O site Teletime divulgou um estudo em que as condições do contrato Telebrás/Viasat foram comparadas com o Edital do Chamamento Público, realizado em outubro de 2017. Quatro pontos demonstram claramente que o contrato com a Viasat tem vantagens em relação às exigências do chamamento público. Além da confidencialidade de algumas cláusulas, que não eram aceitas pelo Edital.
No entanto, a Telebrás tem boas explicações, quando a discussão se dá pelo “juridiquez”, a língua dos advogados. Começa pelo fato de que jamais foi feita uma licitação ou um leilão da capacidade do SGDC, e sim um chamamento público. A diferença, de acordo com a Telebrás, é que o Edital fica totalmente desvinculado de algum contrato feito posteriormente.
Jarbas Valente cita um acórdão do TCU segundo o qual a comercialização de serviços de telecomunicações pela Telebrás estaria vinculada à lei das empresas de economia mista, uma vez que se trata da atividade fim da empresa. O Gerente de Serviços de Satélite da empresa, Bruno Henriques, foi além, dizendo que uma licitação para a capacidade do SGDC seria “como exigir do Banco do Brasil que faça uma licitação para conceder empréstimos, ou da Petrobrás que faça uma licitação para vender petróleo.”
Para a cúpula da Telebrás, logo de início, o contrato poderia ter sido feito por negociação individual e direta. Porém, em conversas com o TCU, teria sido considerado melhor começar pelo chamamento público, o que foi feito. Quanto aos termos do Edital do chamamento, Valente afirma que “… a gente colocou parâmetros sem saber quem viria, por isso tinha que ter precauções contra aventureiros. No processo de seleção privado a gente sabia com quem estava negociando, por isso as exigências podem ser diferentes”.
Por fim, ainda restou provado que o contrato não coloca em risco o sigilo das operações na banda X do satélite, operada pelas Forças Armadas. Então, tá. Mas não dá para negar que a figura do tal “chamamento público” foi mais uma jabuticaba que brotou no quintal da Telebrás.
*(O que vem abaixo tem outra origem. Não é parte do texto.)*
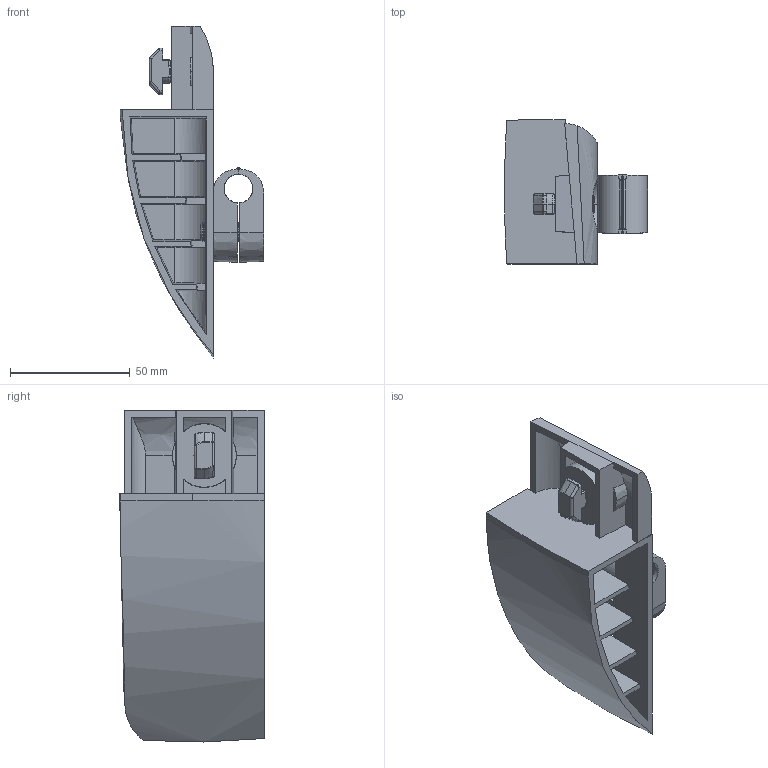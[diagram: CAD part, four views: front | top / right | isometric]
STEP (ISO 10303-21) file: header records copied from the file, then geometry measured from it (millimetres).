
FILE_DESCRIPTION (( 'STEP AP214' ), '1' );
FILE_NAME ('067RCB1BRU006.STEP', '2024-09-23T11:07:18', ( '' ), ( '' ), 'SwSTEP 2.0', 'SolidWorks 2023', '' );
FILE_SCHEMA (( 'AUTOMOTIVE_DESIGN' ));
Length unit declared in the file: millimetre
Products named in the file (9): 4DIN933M08020M_0; 067RCB1BRU006; 096HK1030M0820; 4DIN125AM8M; 4DIN934M08MS01; 067RCB1COS006; 067RCB1BRS004; 067RCB1BRU006(2); 067RCB1BRU006(1)
Assembly tree (9 placements, depth 4):
  067RCB1BRU006
    067RCB1BRU006(2)
      067RCB1BRU006(1)
        067RCB1COS006
        4DIN125AM8M  x2
        096HK1030M0820
        067RCB1BRS004
        4DIN933M08020M_0
        4DIN934M08MS01
Bounding box: 59.8 x 60.3 x 138.65 mm (x, y, z)
Volume: 85497.5 mm3; surface area: 58009.1 mm2
Topology: 8 solids, 8 shells, 560 faces, 1475 edges, 927 vertices
Faces by surface type: plane 233, cone 141, cylinder 137, bspline 47, torus 2
Entity records: 22519 total; most frequent: CARTESIAN_POINT 9311, ORIENTED_EDGE 2906, DIRECTION 2533, EDGE_CURVE 1453, VERTEX_POINT 919, AXIS2_PLACEMENT_3D 906, LINE 721, VECTOR 721
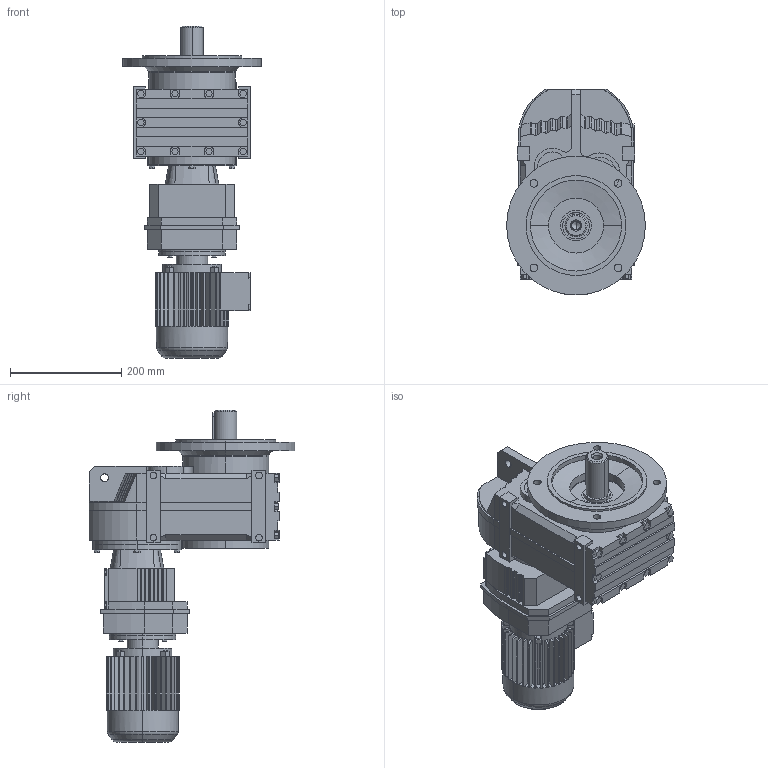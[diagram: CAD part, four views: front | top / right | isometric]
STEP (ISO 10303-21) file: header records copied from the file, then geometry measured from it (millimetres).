
FILE_DESCRIPTION(('Open CASCADE Model'),'2;1');
FILE_NAME('Open CASCADE Shape Model','2021-07-24T11:11:49',('Author'),( 'Open CASCADE'),'Open CASCADE STEP processor 6.3','Open CASCADE 6.3' ,'Unknown');
FILE_SCHEMA(('AUTOMOTIVE_DESIGN_CC2 { 1 2 10303 214 -1 1 5 4 }'));
Length unit declared in the file: millimetre
Products named in the file (6): 1_FF67R37DR63; FAZ27‵157_67.step; 萇儂_120-DR63-191-246-132-105.step; R_67_37.step; す瑩妗陑粣F_67.step; 楊擘F_67.step
Assembly tree (5 placements, depth 2):
  1_FF67R37DR63
    FAZ27‵157_67.step
    萇儂_120-DR63-191-246-132-105.step
    R_67_37.step
    す瑩妗陑粣F_67.step
    楊擘F_67.step
Bounding box: 250 x 371 x 598 mm (x, y, z)
Volume: 14507148.4 mm3; surface area: 857038 mm2
Topology: 5 solids, 5 shells, 1040 faces, 2744 edges, 1792 vertices
Faces by surface type: plane 755, cylinder 245, cone 20, bspline 16, torus 4
Entity records: 69918 total; most frequent: CARTESIAN_POINT 16893, DIRECTION 9328, LINE 5501, VECTOR 5501, ORIENTED_EDGE 5484, PCURVE 5484, DEFINITIONAL_REPRESENTATION 5484, EDGE_CURVE 2742

AFINAL, DE QUEM É O MUNDO?
Uma palavra permeia cada frase desse confuso episódio. É a esperteza. O que, em certa medida, é admissível quando se trata de negociações. Porém, nesse Brasil, já parcialmente lavado a jato, é difícil acreditar que tudo tenha sido feito exclusivamente em nome do interesse público. O risco é cair no outro extremo, inaceitável, que é a bobeira.
Ao que parece, as empresas que aportam por aqui aprendem rapidinho as regras do jogo. E teria sido por aí que as potenciais operadoras do satélite optaram, prevendo um segundo capítulo mais dramático. O governo, que todo dia atira de lá de cima R$ 800 mil, por conta da ociosidade do SGDC, entraria no segundo ato em pânico. E as empresas iriam impor suas condições.
Deu mal! A Telebrás conta que, depois do chamamento vazio, procurou as 13 empresas que tinham retirado o edital, para saber onde a coisa pegou. Algumas nem deram respostas e outras, teriam apontado os pontos cruciais. Bruno Henriques afirma que, após estudo das respostas, chegou-se a conclusão de que seria impossível um edital capaz de atender às expectativas de todos, preservando as necessidades da Telebrás.
Em seguida, foi feita uma tomada de preços, que a estatal empilhou sobre os argumentos que colecionava para justificar a contratação direta. Agora o contrato com a Viasat está aí.
Na sequência, concorrentes internacionais tomaram fôlego para correr dentro de nossas fronteiras. Vamos ver o que o governo vai fazer, através dos órgãos competentes, para evitar que também esses novos concorrentes adiram ao “clube” dos fornecedores de serviços públicos. A propósito, em tempos de PLC 079, que pode acabar com as concessões na telefonia e manter apenas o regime de autorizações, caberia testar estratégias de negociação para qualificar a concorrência entre as empresas. Faz tempo que o consumidor desses serviços só sabe o que é apanhar.